# Seeking advice for Breeder Queen



## Michael Palmer (Dec 29, 2006)

Nothing wrong for having breeders from more than one source.


----------



## Fusion_power (Jan 14, 2005)

Check with Harbo. Queens are expensive, but if you want proven mite resistance, he has it.

http://www.harbobeeco.com/


----------



## tpope (Mar 1, 2015)

I agree about using more than one breeders II queens to improve my stock. Fusion Power suggests another good source on top of the ones that you mentioned.
I have been working to add Carni and VSH traits to my bees.
No matter what you choose from whom, time is running close for availability of queens before May. I tried to buy one in early April once and waited until the following year for delivery.


----------



## JWPalmer (May 1, 2017)

My hope is that I can stay awake long enough to get my order in to New River for one of their WSU caucasian open mated queens. Ordering for 2020 opens at midnight tonight. I already run mostly Caucasians but want to get some purer stock into the yard. Not ready to do a full blown II queen yet.


----------



## tpope (Mar 1, 2015)

JWPalmer said:


> My hope is that I can stay awake long enough to get my order in to New River for one of their WSU caucasian open mated queens.
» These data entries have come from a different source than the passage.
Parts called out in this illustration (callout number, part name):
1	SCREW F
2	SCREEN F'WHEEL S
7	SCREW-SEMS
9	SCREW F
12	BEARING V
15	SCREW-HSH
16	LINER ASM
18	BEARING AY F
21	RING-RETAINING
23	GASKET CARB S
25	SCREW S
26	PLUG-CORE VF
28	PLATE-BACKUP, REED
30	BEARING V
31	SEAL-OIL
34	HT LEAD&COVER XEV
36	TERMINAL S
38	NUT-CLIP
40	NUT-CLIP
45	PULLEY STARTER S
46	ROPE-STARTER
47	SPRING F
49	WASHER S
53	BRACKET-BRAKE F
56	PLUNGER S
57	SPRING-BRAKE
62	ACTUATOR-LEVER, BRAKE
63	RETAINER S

Ordering for 2020 opens at midnight tonight. I already run mostly Caucasians but want to get some purer stock into the yard. Not ready to do a full blown II queen yet.
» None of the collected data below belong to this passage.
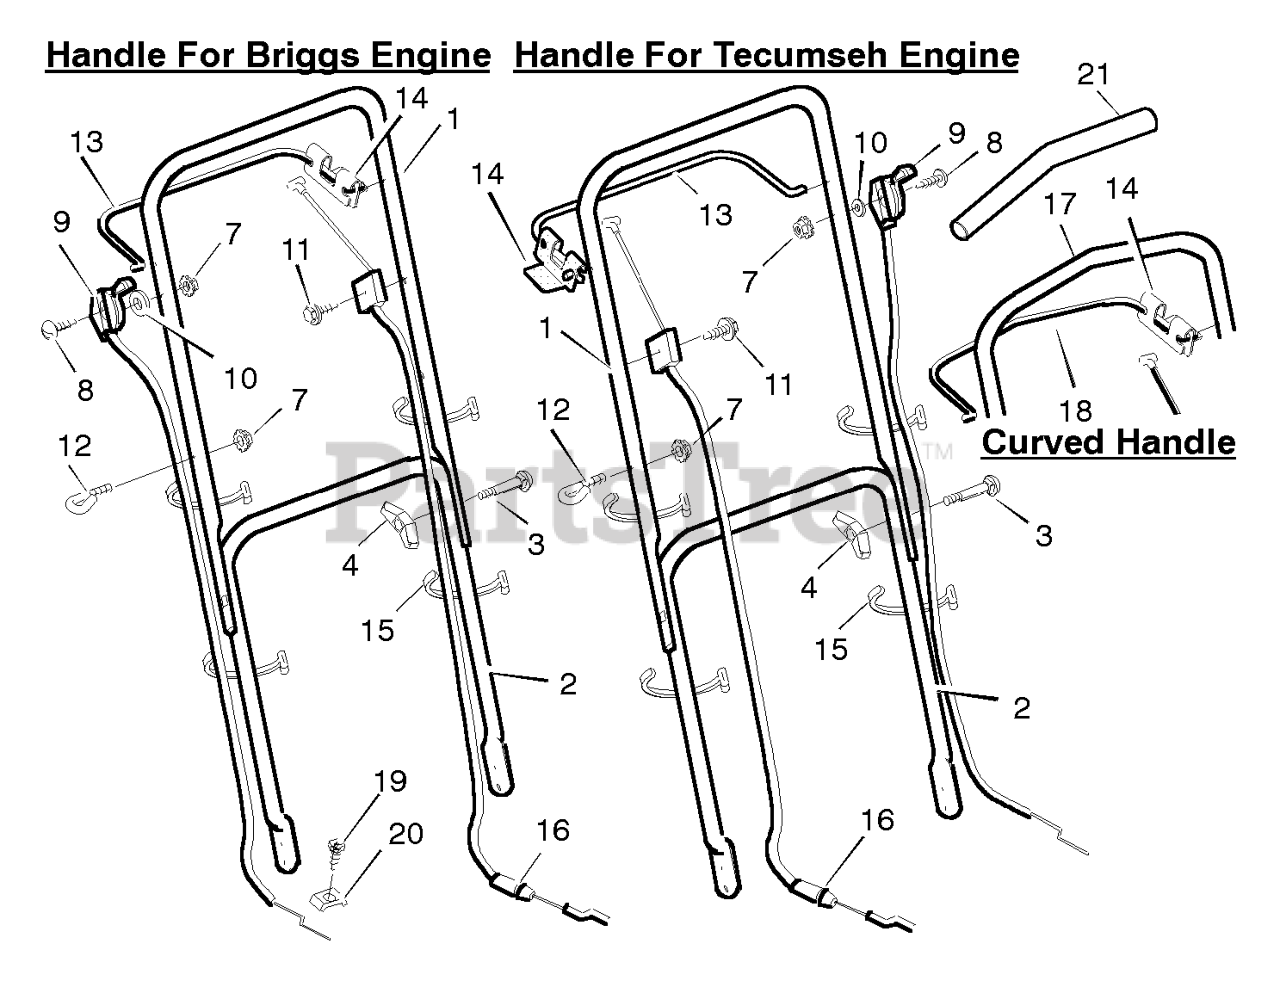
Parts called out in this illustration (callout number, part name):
1	Handle, Upper-Straight (Black)
2	Handle, Lower (Black)
4	Knob, Plastic
7	Locknut
9	Throttle Control
10	Washer
12	GUIDE, ROPE
13	Stop Lever - Straight
14	Bracket, Stop Lever
15	Fastener, Cable
16	Engine Stop Cable *
17	Handle, Upper- Curved (Black)
18	Stop Lever - Curved
19	Screw *
20	Clamp
21	Foam

One has to be a young person to stay up that late or take a good afternoon nap... I hate having to wait for the possum to drop.


----------



## ruthiesbees (Aug 27, 2013)

JWPalmer said:


> My hope is that I can stay awake long enough to get my order in to New River for one of their WSU caucasian open mated queens. Ordering for 2020 opens at midnight tonight. I already run mostly Caucasians but want to get some purer stock into the yard. Not ready to do a full blown II queen yet.


I would second the recommendation to order from New River Honeybees. I've bought his open mated Buckfast and Caucasians and dearly love working with the Buckfast. You may have heard the 2nd generation is "spicy" but not Jason's bees. They are a dream to work. Can't really say for honey yields as I'm running topbar hives and sell bees and queens, not honey. Most all my self made queens last year came off the Buckfast stock. I do have 2 of his Caucasians, one that overwintered from 2018. Nice solid black queens, and gentle bees as well. The overwintered ones didn't build up quick enough to take advantage of our spring nectar flow, but I have 2 colonies this year in different type boxes to see if it was just an "off" year.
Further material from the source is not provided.